● **How to complete this task**:
Let the line containing "for s, height, p" serve as the first line of the answer and the final line of the entries as its last, with every line between copied exactly.

● **Stored data**:
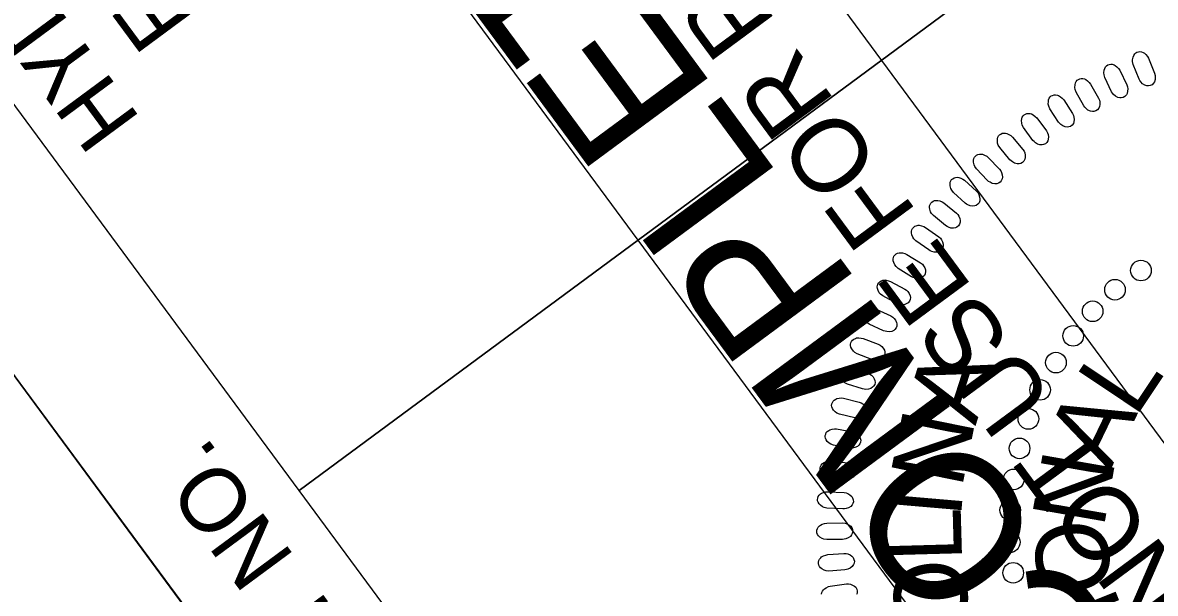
# Model space of a CAD drawing. Extents: x 474314 to 476195, y 501901 to 503905.
# Drawn here: x 474410.1 to 474498.1, y 503188.4 to 503232.7 of the extents above; entities that cross this region are included whole.
import ezdxf

# ---------------------------------------------------------------- set-up
doc = ezdxf.new("R2010")
doc.units = 0
for name, color, linetype in [('Sheet PE Seal Cell', 7, 'Continuous'), ('Sheet Plan CELL', 7, 'Continuous'), ('Sheet Sticker Exception Certification CELL', 7, 'Continuous'), ('Sheet Sticker Incomplete CELL', 7, 'Continuous')]:
    doc.layers.add(name, color=color, linetype=linetype)

msp = doc.modelspace()

# ---------------------------------------------------------------- linework, layer by layer
at = {"layer": 'Sheet PE Seal Cell'}
for points in [[(474496.879, 503228.322), (474496.419, 503229.459), (474496.371, 503229.676), (474496.367, 503229.825), (474496.407, 503230.025), (474496.456, 503230.162), (474496.531, 503230.279), (474496.612, 503230.354), (474496.709, 503230.415), (474496.82, 503230.439), (474496.943, 503230.456), (474497.062, 503230.44), (474497.196, 503230.386), (474497.282, 503230.335), (474497.4, 503230.221), (474497.523, 503230.078), (474497.604, 503229.938), (474498.082, 503228.776), (474498.124, 503228.61), (474498.135, 503228.464), (474498.112, 503228.283), (474498.06, 503228.111), (474498.001, 503228.001), (474497.877, 503227.886), (474497.746, 503227.812), (474497.593, 503227.793), (474497.477, 503227.8), (474497.321, 503227.844), (474497.147, 503227.957), (474497.017, 503228.098), (474496.942, 503228.207)], [(474494.743, 503227.343), (474494.213, 503228.449), (474494.152, 503228.662), (474494.138, 503228.811), (474494.166, 503229.013), (474494.206, 503229.154), (474494.273, 503229.274), (474494.35, 503229.355), (474494.443, 503229.422), (474494.552, 503229.452), (474494.673, 503229.477), (474494.793, 503229.468), (474494.931, 503229.423), (474495.019, 503229.377), (474495.144, 503229.272), (474495.276, 503229.136), (474495.365, 503229.002), (474495.915, 503227.872), (474495.969, 503227.709), (474495.988, 503227.564), (474495.976, 503227.381), (474495.936, 503227.207), (474495.883, 503227.093), (474495.767, 503226.971), (474495.641, 503226.888), (474495.489, 503226.86), (474495.373, 503226.859), (474495.215, 503226.894), (474495.034, 503226.996), (474494.895, 503227.129), (474494.813, 503227.233)], [(474492.587, 503226.243), (474491.988, 503227.315), (474491.914, 503227.524), (474491.891, 503227.671), (474491.906, 503227.875), (474491.937, 503228.018), (474491.996, 503228.142), (474492.068, 503228.228), (474492.157, 503228.3), (474492.264, 503228.337), (474492.383, 503228.369), (474492.503, 503228.368), (474492.643, 503228.332), (474492.734, 503228.292), (474492.866, 503228.194), (474493.006, 503228.067), (474493.104, 503227.939), (474493.724, 503226.845), (474493.787, 503226.686), (474493.816, 503226.543), (474493.815, 503226.36), (474493.786, 503226.183), (474493.74, 503226.066), (474493.632, 503225.937), (474493.512, 503225.847), (474493.361, 503225.809), (474493.246, 503225.801), (474493.086, 503225.826), (474492.9, 503225.916), (474492.752, 503226.039), (474492.664, 503226.138)], [(474490.606, 503224.988), (474489.941, 503226.019), (474489.854, 503226.223), (474489.822, 503226.369), (474489.824, 503226.573), (474489.846, 503226.717), (474489.897, 503226.845), (474489.963, 503226.935), (474490.048, 503227.013), (474490.152, 503227.056), (474490.269, 503227.096), (474490.389, 503227.103), (474490.531, 503227.075), (474490.624, 503227.041), (474490.763, 503226.952), (474490.91, 503226.833), (474491.016, 503226.711), (474491.703, 503225.659), (474491.776, 503225.505), (474491.813, 503225.363), (474491.825, 503225.181), (474491.806, 503225.003), (474491.768, 503224.882), (474491.669, 503224.747), (474491.553, 503224.649), (474491.406, 503224.602), (474491.291, 503224.587), (474491.131, 503224.602), (474490.938, 503224.68), (474490.784, 503224.794), (474490.69, 503224.887)], [(474488.623, 503223.564), (474487.895, 503224.552), (474487.795, 503224.75), (474487.754, 503224.894), (474487.743, 503225.097), (474487.756, 503225.243), (474487.799, 503225.373), (474487.86, 503225.467), (474487.939, 503225.55), (474488.04, 503225.601), (474488.154, 503225.648), (474488.274, 503225.662), (474488.417, 503225.644), (474488.513, 503225.615), (474488.656, 503225.534), (474488.811, 503225.426), (474488.923, 503225.311), (474489.676, 503224.304), (474489.758, 503224.155), (474489.805, 503224.015), (474489.827, 503223.833), (474489.82, 503223.655), (474489.79, 503223.533), (474489.699, 503223.391), (474489.59, 503223.287), (474489.446, 503223.23), (474489.333, 503223.208), (474489.171, 503223.212), (474488.974, 503223.278), (474488.813, 503223.383), (474488.712, 503223.469)], [(474486.837, 503222.06), (474486.049, 503223), (474485.937, 503223.192), (474485.886, 503223.332), (474485.863, 503223.534), (474485.867, 503223.68), (474485.902, 503223.814), (474485.956, 503223.911), (474486.029, 503223.999), (474486.128, 503224.056), (474486.238, 503224.11), (474486.357, 503224.131), (474486.501, 503224.122), (474486.598, 503224.099), (474486.746, 503224.029), (474486.908, 503223.929), (474487.027, 503223.822), (474487.841, 503222.864), (474487.933, 503222.72), (474487.988, 503222.584), (474488.022, 503222.404), (474488.026, 503222.225), (474488.003, 503222.102), (474487.922, 503221.955), (474487.82, 503221.843), (474487.68, 503221.778), (474487.567, 503221.749), (474487.406, 503221.743), (474487.206, 503221.796), (474487.038, 503221.89), (474486.932, 503221.97)], [(474485.08, 503220.459), (474484.234, 503221.348), (474484.109, 503221.532), (474484.05, 503221.669), (474484.015, 503221.869), (474484.009, 503222.016), (474484.035, 503222.151), (474484.083, 503222.252), (474484.151, 503222.343), (474484.246, 503222.406), (474484.353, 503222.467), (474484.47, 503222.497), (474484.615, 503222.496), (474484.713, 503222.48), (474484.865, 503222.418), (474485.033, 503222.329), (474485.159, 503222.229), (474486.031, 503221.325), (474486.132, 503221.186), (474486.196, 503221.054), (474486.241, 503220.877), (474486.256, 503220.699), (474486.24, 503220.574), (474486.169, 503220.422), (474486.073, 503220.304), (474485.938, 503220.231), (474485.828, 503220.195), (474485.667, 503220.179), (474485.464, 503220.219), (474485.291, 503220.303), (474485.18, 503220.376)], [(474483.354, 503218.69), (474482.454, 503219.523), (474482.318, 503219.7), (474482.251, 503219.833), (474482.203, 503220.03), (474482.188, 503220.176), (474482.205, 503220.313), (474482.247, 503220.416), (474482.309, 503220.512), (474482.4, 503220.581), (474482.504, 503220.648), (474482.618, 503220.684), (474482.762, 503220.694), (474482.861, 503220.684), (474483.017, 503220.631), (474483.189, 503220.553), (474483.322, 503220.462), (474484.249, 503219.613), (474484.359, 503219.482), (474484.43, 503219.354), (474484.486, 503219.18), (474484.513, 503219.003), (474484.506, 503218.878), (474484.443, 503218.721), (474484.356, 503218.598), (474484.225, 503218.516), (474484.118, 503218.473), (474483.958, 503218.447), (474483.753, 503218.475), (474483.574, 503218.547), (474483.46, 503218.613)], [(474481.843, 503216.941), (474480.893, 503217.716), (474480.747, 503217.883), (474480.671, 503218.012), (474480.61, 503218.206), (474480.586, 503218.351), (474480.596, 503218.488), (474480.631, 503218.594), (474480.686, 503218.694), (474480.772, 503218.768), (474480.872, 503218.842), (474480.983, 503218.885), (474481.127, 503218.903), (474481.227, 503218.9), (474481.385, 503218.857), (474481.562, 503218.79), (474481.7, 503218.707), (474482.679, 503217.919), (474482.796, 503217.794), (474482.876, 503217.671), (474482.943, 503217.501), (474482.981, 503217.326), (474482.981, 503217.2), (474482.928, 503217.041), (474482.849, 503216.912), (474482.724, 503216.822), (474482.619, 503216.772), (474482.462, 503216.736), (474482.255, 503216.751), (474482.073, 503216.812), (474481.953, 503216.871)], [(474480.538, 503215.051), (474479.54, 503215.765), (474479.383, 503215.923), (474479.3, 503216.046), (474479.228, 503216.236), (474479.194, 503216.379), (474479.195, 503216.517), (474479.223, 503216.625), (474479.273, 503216.728), (474479.354, 503216.807), (474479.448, 503216.887), (474479.557, 503216.937), (474479.7, 503216.964), (474479.799, 503216.967), (474479.961, 503216.935), (474480.141, 503216.879), (474480.284, 503216.804), (474481.311, 503216.079), (474481.435, 503215.963), (474481.522, 503215.844), (474481.6, 503215.679), (474481.649, 503215.507), (474481.657, 503215.381), (474481.615, 503215.218), (474481.543, 503215.085), (474481.424, 503214.987), (474481.323, 503214.931), (474481.167, 503214.885), (474480.96, 503214.887), (474480.775, 503214.936), (474480.652, 503214.987)], [(474479.196, 503212.973), (474478.155, 503213.622), (474477.989, 503213.77), (474477.898, 503213.888), (474477.813, 503214.073), (474477.772, 503214.214), (474477.764, 503214.351), (474477.785, 503214.461), (474477.828, 503214.567), (474477.905, 503214.651), (474477.993, 503214.737), (474478.098, 503214.794), (474478.239, 503214.83), (474478.338, 503214.839), (474478.501, 503214.817), (474478.685, 503214.772), (474478.832, 503214.707), (474479.902, 503214.048), (474480.034, 503213.939), (474480.129, 503213.827), (474480.216, 503213.666), (474480.276, 503213.498), (474480.292, 503213.372), (474480.259, 503213.207), (474480.197, 503213.07), (474480.084, 503212.965), (474479.986, 503212.902), (474479.834, 503212.847), (474479.627, 503212.836), (474479.439, 503212.873), (474479.314, 503212.917)], [(474478.039, 503210.901), (474476.96, 503211.484), (474476.785, 503211.621), (474476.686, 503211.733), (474476.591, 503211.913), (474476.54, 503212.05), (474476.523, 503212.187), (474476.538, 503212.298), (474476.574, 503212.406), (474476.645, 503212.495), (474476.728, 503212.586), (474476.83, 503212.65), (474476.968, 503212.695), (474477.066, 503212.709), (474477.23, 503212.698), (474477.416, 503212.664), (474477.567, 503212.608), (474478.677, 503212.018), (474478.815, 503211.917), (474478.917, 503211.812), (474479.014, 503211.657), (474479.084, 503211.492), (474479.108, 503211.369), (474479.086, 503211.202), (474479.032, 503211.061), (474478.926, 503210.949), (474478.832, 503210.88), (474478.684, 503210.815), (474478.478, 503210.791), (474478.288, 503210.817), (474478.16, 503210.853)], [(474477.021, 503208.773), (474475.907, 503209.287), (474475.724, 503209.413), (474475.619, 503209.518), (474475.512, 503209.691), (474475.453, 503209.825), (474475.428, 503209.961), (474475.436, 503210.073), (474475.464, 503210.183), (474475.53, 503210.276), (474475.607, 503210.372), (474475.704, 503210.442), (474475.839, 503210.496), (474475.936, 503210.516), (474476.101, 503210.515), (474476.289, 503210.494), (474476.443, 503210.447), (474477.587, 503209.928), (474477.732, 503209.836), (474477.84, 503209.737), (474477.947, 503209.588), (474478.026, 503209.429), (474478.059, 503209.307), (474478.047, 503209.139), (474478.003, 503208.995), (474477.904, 503208.876), (474477.815, 503208.802), (474477.671, 503208.728), (474477.467, 503208.691), (474477.275, 503208.705), (474477.145, 503208.732)], [(474476.122, 503206.541), (474474.978, 503206.984), (474474.786, 503207.098), (474474.675, 503207.197), (474474.557, 503207.362), (474474.49, 503207.493), (474474.456, 503207.626), (474474.457, 503207.739), (474474.479, 503207.85), (474474.538, 503207.947), (474474.609, 503208.048), (474474.702, 503208.124), (474474.834, 503208.186), (474474.929, 503208.213), (474475.094, 503208.221), (474475.282, 503208.212), (474475.439, 503208.176), (474476.614, 503207.729), (474476.763, 503207.647), (474476.877, 503207.554), (474476.994, 503207.413), (474477.084, 503207.258), (474477.123, 503207.138), (474477.122, 503206.971), (474477.086, 503206.824), (474476.996, 503206.699), (474476.911, 503206.62), (474476.772, 503206.537), (474476.571, 503206.486), (474476.379, 503206.489), (474476.247, 503206.508)], [(474475.388, 503204.258), (474474.219, 503204.629), (474474.021, 503204.73), (474473.903, 503204.822), (474473.775, 503204.98), (474473.701, 503205.106), (474473.658, 503205.237), (474473.652, 503205.349), (474473.666, 503205.462), (474473.72, 503205.563), (474473.784, 503205.667), (474473.872, 503205.749), (474473.999, 503205.819), (474474.094, 503205.852), (474474.257, 503205.871), (474474.446, 503205.874), (474474.604, 503205.847), (474475.805, 503205.475), (474475.959, 503205.402), (474476.08, 503205.317), (474476.204, 503205.184), (474476.303, 503205.034), (474476.35, 503204.918), (474476.36, 503204.75), (474476.334, 503204.601), (474476.251, 503204.471), (474476.172, 503204.387), (474476.038, 503204.295), (474475.84, 503204.232), (474475.649, 503204.222), (474475.516, 503204.233)], [(474474.79, 503202.001), (474473.599, 503202.297), (474473.395, 503202.386), (474473.272, 503202.471), (474473.135, 503202.62), (474473.052, 503202.741), (474473.002, 503202.869), (474472.988, 503202.98), (474472.996, 503203.094), (474473.042, 503203.198), (474473.1, 503203.307), (474473.184, 503203.394), (474473.306, 503203.472), (474473.398, 503203.51), (474473.559, 503203.539), (474473.747, 503203.554), (474473.908, 503203.537), (474475.129, 503203.241), (474475.288, 503203.178), (474475.413, 503203.101), (474475.546, 503202.976), (474475.655, 503202.833), (474475.709, 503202.719), (474475.729, 503202.553), (474475.712, 503202.403), (474475.637, 503202.268), (474475.564, 503202.178), (474475.436, 503202.079), (474475.243, 503202.004), (474475.052, 503201.982), (474474.919, 503201.984)], [(474474.342, 503199.667), (474473.136, 503199.887), (474472.927, 503199.964), (474472.799, 503200.04), (474472.652, 503200.181), (474472.562, 503200.296), (474472.504, 503200.421), (474472.483, 503200.531), (474472.483, 503200.645), (474472.524, 503200.752), (474472.574, 503200.864), (474472.652, 503200.956), (474472.769, 503201.041), (474472.859, 503201.085), (474473.018, 503201.125), (474473.205, 503201.151), (474473.366, 503201.145), (474474.603, 503200.925), (474474.766, 503200.873), (474474.895, 503200.804), (474475.036, 503200.687), (474475.153, 503200.552), (474475.215, 503200.441), (474475.245, 503200.276), (474475.238, 503200.125), (474475.172, 503199.986), (474475.104, 503199.892), (474474.983, 503199.785), (474474.794, 503199.698), (474474.605, 503199.664), (474474.472, 503199.658)], [(474474.017, 503197.257), (474472.798, 503197.402), (474472.585, 503197.465), (474472.452, 503197.533), (474472.297, 503197.665), (474472.199, 503197.774), (474472.134, 503197.895), (474472.106, 503198.003), (474472.1, 503198.117), (474472.133, 503198.226), (474472.177, 503198.341), (474472.248, 503198.438), (474472.36, 503198.53), (474472.446, 503198.581), (474472.603, 503198.629), (474472.788, 503198.668), (474472.949, 503198.671), (474474.198, 503198.53), (474474.363, 503198.488), (474474.497, 503198.427), (474474.644, 503198.319), (474474.77, 503198.192), (474474.838, 503198.085), (474474.879, 503197.922), (474474.881, 503197.772), (474474.823, 503197.628), (474474.762, 503197.53), (474474.648, 503197.416), (474474.465, 503197.317), (474474.279, 503197.271), (474474.147, 503197.257)], [(474473.851, 503194.933), (474472.626, 503195.001), (474472.409, 503195.05), (474472.273, 503195.11), (474472.109, 503195.231), (474472.005, 503195.334), (474471.932, 503195.451), (474471.898, 503195.557), (474471.885, 503195.671), (474471.91, 503195.781), (474471.947, 503195.899), (474472.012, 503196), (474472.118, 503196.099), (474472.201, 503196.155), (474472.354, 503196.213), (474472.536, 503196.263), (474472.697, 503196.277), (474473.952, 503196.215), (474474.12, 503196.183), (474474.257, 503196.13), (474474.411, 503196.032), (474474.545, 503195.912), (474474.619, 503195.811), (474474.67, 503195.651), (474474.681, 503195.5), (474474.634, 503195.353), (474474.578, 503195.252), (474474.471, 503195.131), (474474.296, 503195.021), (474474.112, 503194.963), (474473.981, 503194.941)], [(474473.837, 503192.567), (474472.611, 503192.558), (474472.391, 503192.594), (474472.251, 503192.645), (474472.081, 503192.756), (474471.97, 503192.852), (474471.889, 503192.963), (474471.849, 503193.069), (474471.828, 503193.181), (474471.847, 503193.292), (474471.876, 503193.412), (474471.935, 503193.517), (474472.034, 503193.623), (474472.113, 503193.684), (474472.263, 503193.752), (474472.441, 503193.813), (474472.601, 503193.836), (474473.858, 503193.853), (474474.027, 503193.832), (474474.167, 503193.788), (474474.327, 503193.7), (474474.468, 503193.589), (474474.549, 503193.492), (474474.609, 503193.336), (474474.63, 503193.186), (474474.592, 503193.036), (474474.542, 503192.931), (474474.444, 503192.803), (474474.275, 503192.683), (474474.096, 503192.614), (474473.967, 503192.583)], [(474474.001, 503190.202), (474472.778, 503190.116), (474472.556, 503190.138), (474472.413, 503190.18), (474472.236, 503190.28), (474472.119, 503190.369), (474472.032, 503190.476), (474471.986, 503190.577), (474471.958, 503190.688), (474471.969, 503190.801), (474471.992, 503190.922), (474472.043, 503191.031), (474472.136, 503191.143), (474472.211, 503191.208), (474472.356, 503191.286), (474472.53, 503191.358), (474472.688, 503191.391), (474473.941, 503191.487), (474474.111, 503191.476), (474474.254, 503191.441), (474474.419, 503191.363), (474474.566, 503191.262), (474474.653, 503191.17), (474474.724, 503191.018), (474474.754, 503190.87), (474474.725, 503190.718), (474474.682, 503190.61), (474474.592, 503190.476), (474474.431, 503190.345), (474474.257, 503190.265), (474474.129, 503190.227)]]:
    msp.add_lwpolyline(points, close=True, dxfattribs=at)
msp.add_lwpolyline([(474472.206, 503188.313), (474472.219, 503188.435), (474472.265, 503188.547), (474472.349, 503188.664), (474472.421, 503188.734), (474472.56, 503188.821), (474472.73, 503188.903), (474472.885, 503188.947), (474474.13, 503189.121), (474474.301, 503189.121), (474474.445, 503189.096), (474474.615, 503189.028), (474474.769, 503188.935), (474474.86, 503188.85), (474474.941, 503188.702), (474474.98, 503188.556), (474474.961, 503188.403), (474474.925, 503188.292)], dxfattribs=at)
for centre in [(474497.02, 503213.452), (474495.001, 503211.962), (474493.267, 503210.286), (474491.754, 503208.378), (474490.415, 503206.301), (474489.183, 503204.183), (474488.273, 503201.928), (474487.585, 503199.639), (474487.136, 503197.229), (474486.862, 503194.85), (474486.826, 503192.349), (474487.094, 503189.974)]:
    msp.add_circle(centre, 0.801, dxfattribs=at)
at = {"layer": 'Sheet Plan CELL'}
for p, q in [((474481, 503108.466), (474362.144, 503269.364)), ((474481, 503108.466), (474362.144, 503269.364)), ((474431.609, 503196.366), (474522.068, 503263.187))]:
    msp.add_line(p, q, dxfattribs=at)
for points in [[(474431.609, 503196.366), (474372.199, 503276.79), (474462.698, 503343.64), (474522.115, 503263.206)], [(474460.82, 503093.562), (474341.971, 503254.513), (474362.144, 503269.364), (474481, 503108.466)], [(474491.045, 503115.885), (474431.609, 503196.366), (474522.115, 503263.206), (474581.524, 503182.72)]]:
    msp.add_lwpolyline(points, close=True, dxfattribs=at)
at = {"layer": 'Sheet Sticker Incomplete CELL'}
msp.add_lwpolyline([(474520.521, 503170.658), (474501.617, 503156.697), (474414.289, 503274.946), (474433.193, 503288.907)], close=True, dxfattribs=at)

# ---------------------------------------------------------------- texts
at = {"layer": 'Sheet PE Seal Cell'}
for s, rotation, p in [('A', 72.11917, (474484.155, 503201.355)), ('L', 56.2772, (474496.562, 503201.95)), ('A', 64.217, (474494.61, 503197.869)), ('N', 78.60853, (474483.086, 503196.439)), ('N', 80.09659, (474494.114, 503193.354)), ('I', 85.09788, (474483.016, 503194.144)), ('L', 91.58724, (474483.126, 503190.876)), ('O', 95.97619, (474494.822, 503188.517)), ('O', 98.0766, (474483.901, 503185.565)), ('I', 111.85578, (474495.577, 503187.206))]:
    msp.add_text(s, height=5.669, rotation=rotation, dxfattribs=at).set_placement(p)
at = {"layer": 'Sheet Plan CELL'}
for s, p in [('ENGINEER', (474423.534, 503232.949)), ('HYDRAULICS', (474419.364, 503225.192)), ('R/W SHEET NO.', (474454.529, 503159.776))]:
    msp.add_text(s, height=5.0001, rotation=126.44635, dxfattribs=at).set_placement(p)
at = {"layer": 'Sheet Sticker Exception Certification CELL'}
msp.add_text('DOCUMENT NOT CONSIDERED FINAL', height=5.5, rotation=126.44635, dxfattribs=at).set_placement((474577.329, 503205.816))
msp.add_text('DOCUMENT NOT CONSIDERED FINAL', height=5.5, rotation=126.44635, dxfattribs=at).set_placement((474577.329, 503205.816))
at = {"layer": 'Sheet Sticker Incomplete CELL'}
for s, height, p in [('INCOMPLETE PLANS', 11.52, (474505.793, 503170.907)), ('DO NOT USE FOR R/W ACQUISITION', 5.76, (474509.452, 503177.65))]:
    msp.add_text(s, height=height, rotation=126.44635, dxfattribs=at).set_placement(p)

doc.saveas('drawing.dxf')

● **Response area**:
for s, height, p in [('INCOMPLETE PLANS', 11.52, (474505.793, 503170.907)), ('DO NOT USE FOR R/W ACQUISITION', 5.76, (474509.452, 503177.65))]:
    msp.add_text(s, height=height, rotation=126.44635, dxfattribs=at).set_placement(p)

doc.saveas('drawing.dxf')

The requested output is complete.